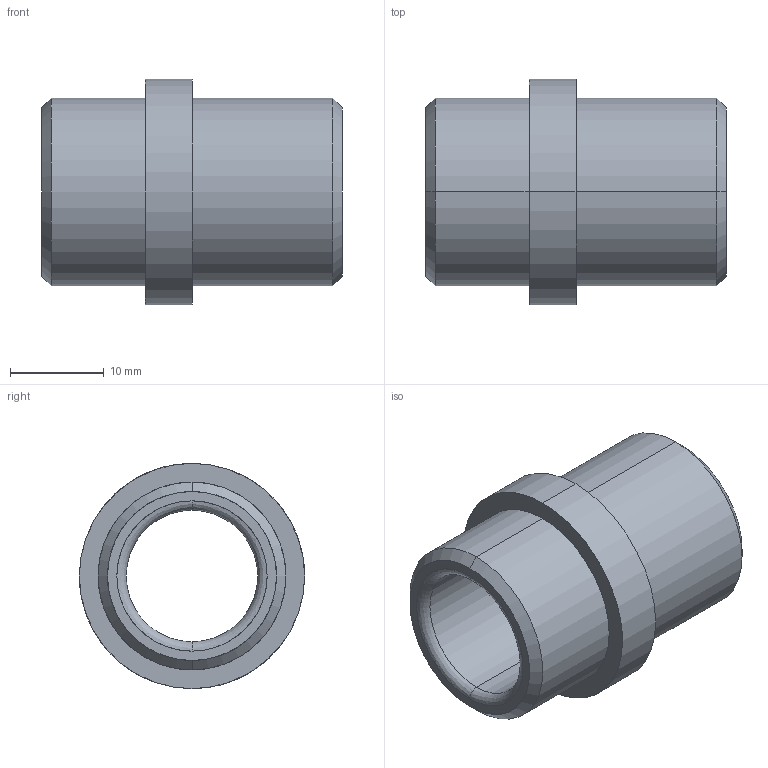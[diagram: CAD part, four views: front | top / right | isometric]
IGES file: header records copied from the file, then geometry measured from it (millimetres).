
Start section: START RECORD GO HERE.
Global section: file name: 354-14X32.igs; native system: DASSAULT SYSTEMES CATIA V5 R20 - www.3ds.com; preprocessor: CATIA Version 5 Release 20 ; author: Utente; organization: NB04-ASUS; date: 20210421.104927; units: millimetre
Bounding box: 32 x 24 x 24 mm (x, y, z)
Surface area: 3964.7 mm2 (no closed solid volume)
Topology: 0 solids, 0 shells, 20 faces, 128 edges, 128 vertices
Faces by surface type: revolution 16, plane 4
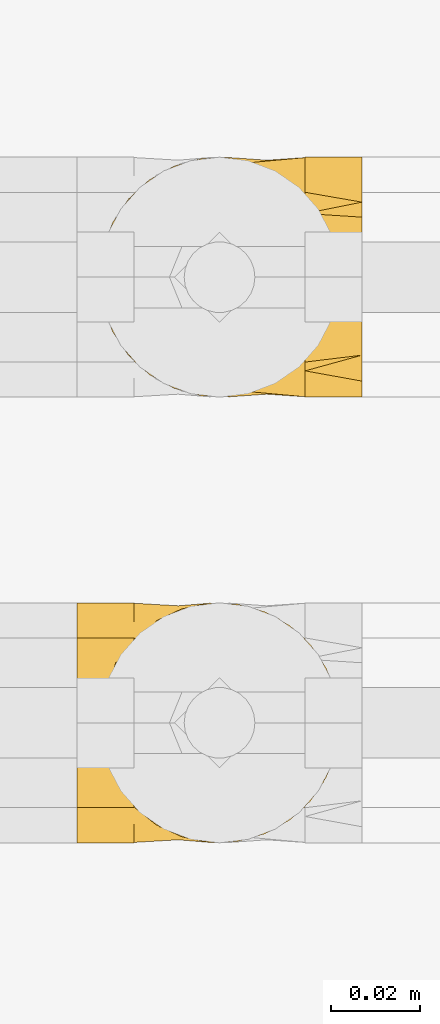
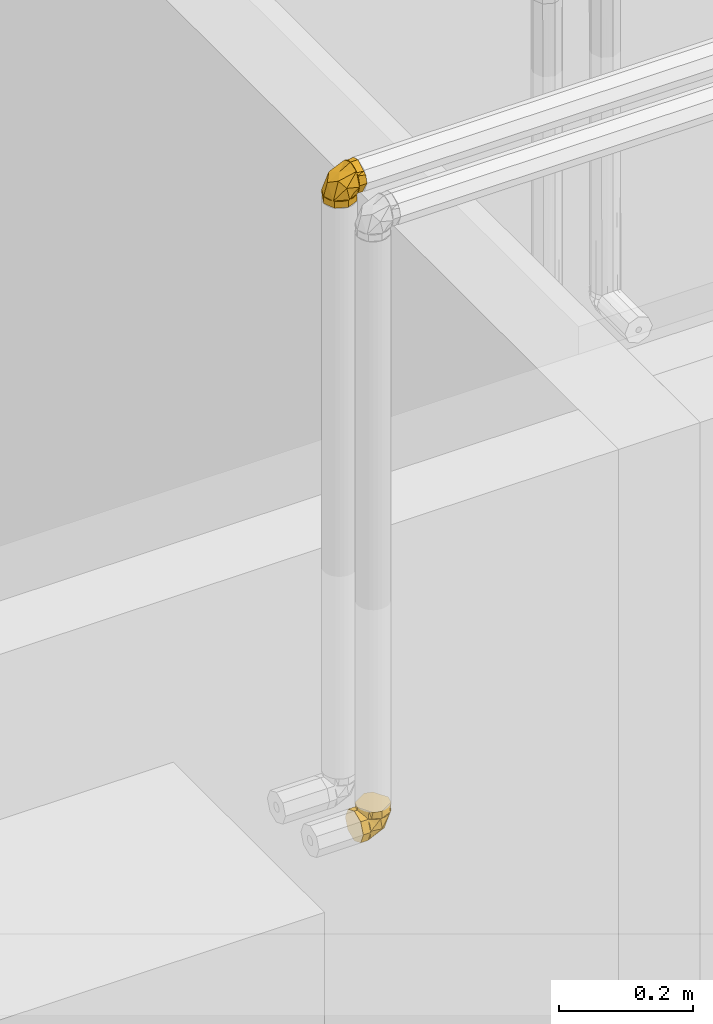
# One storey, part 317 of 652: 2 coverings.
"""IFC2X3 building model written with IfcOpenShell, lengths in millimetres."""

from ifc_helpers import new_model, entity, si_unit, converted_unit, direction, frame, origin, place, context, subcontext, project, spatial, face_set, surface_model, material, type_object, element, save


model = new_model("IFC2X3")

# Units and contexts
model_context = context("Model", 3, precision=0.01, world=frame((0.0, 0.0, 308426.39999999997)), true_north=direction((6.123233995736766e-17, 1.0)))
plan_context = context("Plan", 3, precision=0.01, world=frame((0.0, 0.0, 308426.39999999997)), true_north=direction((6.123233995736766e-17, 1.0)))
body_context = subcontext(model_context, "Body", "Model", "MODEL_VIEW")
ifc_project = project(units=[si_unit("LENGTHUNIT", "METRE", prefix="MILLI"), si_unit("AREAUNIT", "SQUARE_METRE"), si_unit("VOLUMEUNIT", "CUBIC_METRE"), converted_unit("PLANEANGLEUNIT", "DEGREE", entity("IfcPlaneAngleMeasure", 0.017453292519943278), si_unit("PLANEANGLEUNIT", "RADIAN"), dimensions=[0, 0, 0, 0, 0, 0, 0])], contexts=[model_context, plan_context])

# Site, building, storey
site_placement = place(None, origin())
site = spatial("IfcSite", under=ifc_project, at=site_placement, Name="Default", CompositionType="ELEMENT")
building_placement = place(site_placement, origin())
building = spatial("IfcBuilding", under=site, at=building_placement, CompositionType="ELEMENT")
storey_placement = place(building_placement, frame((0.0, 0.0, 1730.6999999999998)))
storey = spatial("IfcBuildingStorey", under=building, at=storey_placement, Name="EG_Produktion_FFB", CompositionType="ELEMENT", Elevation=1730.6999999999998)

# Coverings
ifc_material = material(Name="Dämmung - Armaflex-Schlauch")
covering_type = type_object("IfcCoveringType", Name="Rohrdämmung außen:Armaflex-Schlauch", PredefinedType="INSULATION")
covering_1_placement = place(storey_placement, frame((34673.845660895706, 50393.50378550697, 3768.016249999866)))
element("IfcCovering", 1, at=covering_1_placement, inside=storey, type_object=covering_type, material=ifc_material, Name="Rohrdämmung außen:Armaflex-Schlauch", ObjectType="Rohrdämmung außen:Armaflex-Schlauch", PredefinedType="INSULATION", context=body_context, shape_type="SurfaceModel", body=[
    surface_model("IfcFaceBasedSurfaceModel", [(47.750272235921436, 9.65642195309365, 12.766250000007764), (42.792234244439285, 5.678961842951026, 12.76625000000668), (37.040242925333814, 2.973980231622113, 12.76625000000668), (30.81456370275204, 1.6920879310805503, 12.766250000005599), (24.461836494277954, 1.904659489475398, 12.766250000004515), (18.335775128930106, 3.599859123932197, 12.766250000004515), (12.777472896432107, 6.683299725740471, 12.766250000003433), (8.096410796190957, 10.983298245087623, 12.766250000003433), (4.553225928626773, 16.26043484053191, 12.76625000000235), (2.3451994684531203, 22.220883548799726, 12.76625000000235), (1.5952722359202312, 28.532772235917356, 12.76625000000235), (2.3451994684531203, 34.844660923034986, 12.76625000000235), (4.553225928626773, 40.8051096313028, 12.76625000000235), (8.096410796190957, 46.08224622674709, 12.766250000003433), (12.777472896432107, 50.38224474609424, 12.766250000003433), (18.335775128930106, 53.465685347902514, 12.766250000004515), (24.461836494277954, 55.16088498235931, 12.766250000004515), (30.81456370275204, 55.37345654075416, 12.766250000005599), (37.040242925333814, 54.0915642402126, 12.76625000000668), (42.792234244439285, 51.38658262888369, 12.76625000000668), (47.750272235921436, 47.409122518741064, 12.766250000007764), (47.750272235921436, 5.678961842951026, 17.72428799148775), (47.750272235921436, 2.973980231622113, 23.4762793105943), (47.750272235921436, 1.6920879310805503, 29.70195853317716), (47.7502722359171, 1.904659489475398, 36.05468574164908), (47.7502722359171, 3.599859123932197, 42.18074710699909), (47.7502722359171, 6.683299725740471, 47.73904933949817), (47.7502722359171, 10.983298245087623, 52.420111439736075), (47.7502722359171, 16.26043484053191, 55.96329630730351), (47.7502722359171, 22.220883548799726, 58.171322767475), (47.7502722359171, 28.532772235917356, 58.92125000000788), (47.7502722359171, 34.844660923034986, 58.171322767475), (47.7502722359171, 40.8051096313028, 55.96329630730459), (47.7502722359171, 46.08224622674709, 52.420111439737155), (47.7502722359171, 50.38224474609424, 47.73904933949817), (47.7502722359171, 53.465685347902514, 42.18074710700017), (47.7502722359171, 55.16088498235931, 36.05468574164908), (47.750272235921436, 55.37345654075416, 29.70195853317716), (47.750272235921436, 54.0915642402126, 23.4762793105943), (47.750272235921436, 51.38658262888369, 17.72428799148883), (39.07038524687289, 2.275926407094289, 22.708937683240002), (7.779271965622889, 28.53478871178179, 35.84360107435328), (26.950194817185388, 3.601426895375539, 33.56525177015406), (19.455303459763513, 6.336143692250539, 12.766521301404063), (29.487249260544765, 28.53478871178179, 48.37655700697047), (18.673955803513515, 14.284495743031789, 43.183850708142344), (47.751250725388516, 6.336143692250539, 41.0613058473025), (18.673955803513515, 42.78043080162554, 43.183850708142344), (39.07038524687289, 54.78900013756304, 22.708937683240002), (26.950194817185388, 53.46349964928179, 33.56525177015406), (47.751250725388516, 50.72878285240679, 41.0613058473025), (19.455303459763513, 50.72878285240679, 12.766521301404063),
□ □ □ □
▸ WHAT TO DO
The records are to be returned word for word, without any of their pictures.

▸ RESPONSE AREA
[diagram: CAD part, four views: front | top / right | isometric]
IGES file: header records copied from the file, then geometry measured from it (millimetres).
Start section: START RECORD GO HERE.
Global section: file name: 354-14X32.igs; native system: DASSAULT SYSTEMES CATIA V5 R20 - www.3ds.com; preprocessor: CATIA Version 5 Release 20 ; author: Utente; organization: NB04-ASUS; date: 20210421.104927; units: millimetre
Bounding box: 32 x 24 x 24 mm (x, y, z)
Surface area: 3964.7 mm2 (no closed solid volume)
Topology: 0 solids, 0 shells, 20 faces, 128 edges, 128 vertices
Faces by surface type: revolution 16, plane 4
# One storey, part 317 of 652: 2 coverings.
"""IFC2X3 building model written with IfcOpenShell, lengths in millimetres."""

from ifc_helpers import new_model, entity, si_unit, converted_unit, direction, frame, origin, place, context, subcontext, project, spatial, face_set, surface_model, material, type_object, element, save


model = new_model("IFC2X3")

# Units and contexts
model_context = context("Model", 3, precision=0.01, world=frame((0.0, 0.0, 308426.39999999997)), true_north=direction((6.123233995736766e-17, 1.0)))
plan_context = context("Plan", 3, precision=0.01, world=frame((0.0, 0.0, 308426.39999999997)), true_north=direction((6.123233995736766e-17, 1.0)))
body_context = subcontext(model_context, "Body", "Model", "MODEL_VIEW")
ifc_project = project(units=[si_unit("LENGTHUNIT", "METRE", prefix="MILLI"), si_unit("AREAUNIT", "SQUARE_METRE"), si_unit("VOLUMEUNIT", "CUBIC_METRE"), converted_unit("PLANEANGLEUNIT", "DEGREE", entity("IfcPlaneAngleMeasure", 0.017453292519943278), si_unit("PLANEANGLEUNIT", "RADIAN"), dimensions=[0, 0, 0, 0, 0, 0, 0])], contexts=[model_context, plan_context])

# Site, building, storey
site_placement = place(None, origin())
site = spatial("IfcSite", under=ifc_project, at=site_placement, Name="Default", CompositionType="ELEMENT")
building_placement = place(site_placement, origin())
building = spatial("IfcBuilding", under=site, at=building_placement, CompositionType="ELEMENT")
storey_placement = place(building_placement, frame((0.0, 0.0, 1730.6999999999998)))
storey = spatial("IfcBuildingStorey", under=building, at=storey_placement, Name="EG_Produktion_FFB", CompositionType="ELEMENT", Elevation=1730.6999999999998)

# Coverings
ifc_material = material(Name="Dämmung - Armaflex-Schlauch")
covering_type = type_object("IfcCoveringType", Name="Rohrdämmung außen:Armaflex-Schlauch", PredefinedType="INSULATION")
covering_1_placement = place(storey_placement, frame((34673.845660895706, 50393.50378550697, 3768.016249999866)))
element("IfcCovering", 1, at=covering_1_placement, inside=storey, type_object=covering_type, material=ifc_material, Name="Rohrdämmung außen:Armaflex-Schlauch", ObjectType="Rohrdämmung außen:Armaflex-Schlauch", PredefinedType="INSULATION", context=body_context, shape_type="SurfaceModel", body=[
    surface_model("IfcFaceBasedSurfaceModel", [(47.750272235921436, 9.65642195309365, 12.766250000007764), (42.792234244439285, 5.678961842951026, 12.76625000000668), (37.040242925333814, 2.973980231622113, 12.76625000000668), (30.81456370275204, 1.6920879310805503, 12.766250000005599), (24.461836494277954, 1.904659489475398, 12.766250000004515), (18.335775128930106, 3.599859123932197, 12.766250000004515), (12.777472896432107, 6.683299725740471, 12.766250000003433), (8.096410796190957, 10.983298245087623, 12.766250000003433), (4.553225928626773, 16.26043484053191, 12.76625000000235), (2.3451994684531203, 22.220883548799726, 12.76625000000235), (1.5952722359202312, 28.532772235917356, 12.76625000000235), (2.3451994684531203, 34.844660923034986, 12.76625000000235), (4.553225928626773, 40.8051096313028, 12.76625000000235), (8.096410796190957, 46.08224622674709, 12.766250000003433), (12.777472896432107, 50.38224474609424, 12.766250000003433), (18.335775128930106, 53.465685347902514, 12.766250000004515), (24.461836494277954, 55.16088498235931, 12.766250000004515), (30.81456370275204, 55.37345654075416, 12.766250000005599), (37.040242925333814, 54.0915642402126, 12.76625000000668), (42.792234244439285, 51.38658262888369, 12.76625000000668), (47.750272235921436, 47.409122518741064, 12.766250000007764), (47.750272235921436, 5.678961842951026, 17.72428799148775), (47.750272235921436, 2.973980231622113, 23.4762793105943), (47.750272235921436, 1.6920879310805503, 29.70195853317716), (47.7502722359171, 1.904659489475398, 36.05468574164908), (47.7502722359171, 3.599859123932197, 42.18074710699909), (47.7502722359171, 6.683299725740471, 47.73904933949817), (47.7502722359171, 10.983298245087623, 52.420111439736075), (47.7502722359171, 16.26043484053191, 55.96329630730351), (47.7502722359171, 22.220883548799726, 58.171322767475), (47.7502722359171, 28.532772235917356, 58.92125000000788), (47.7502722359171, 34.844660923034986, 58.171322767475), (47.7502722359171, 40.8051096313028, 55.96329630730459), (47.7502722359171, 46.08224622674709, 52.420111439737155), (47.7502722359171, 50.38224474609424, 47.73904933949817), (47.7502722359171, 53.465685347902514, 42.18074710700017), (47.7502722359171, 55.16088498235931, 36.05468574164908), (47.750272235921436, 55.37345654075416, 29.70195853317716), (47.750272235921436, 54.0915642402126, 23.4762793105943), (47.750272235921436, 51.38658262888369, 17.72428799148883), (39.07038524687289, 2.275926407094289, 22.708937683240002), (7.779271965622889, 28.53478871178179, 35.84360107435328), (26.950194817185388, 3.601426895375539, 33.56525177015406), (19.455303459763513, 6.336143692250539, 12.766521301404063), (29.487249260544765, 28.53478871178179, 48.37655700697047), (18.673955803513515, 14.284495743031789, 43.183850708142344), (47.751250725388516, 6.336143692250539, 41.0613058473025), (18.673955803513515, 42.78043080162554, 43.183850708142344), (39.07038524687289, 54.78900013756304, 22.708937683240002), (26.950194817185388, 53.46349964928179, 33.56525177015406), (47.751250725388516, 50.72878285240679, 41.0613058473025), (19.455303459763513, 50.72878285240679, 12.766521301404063),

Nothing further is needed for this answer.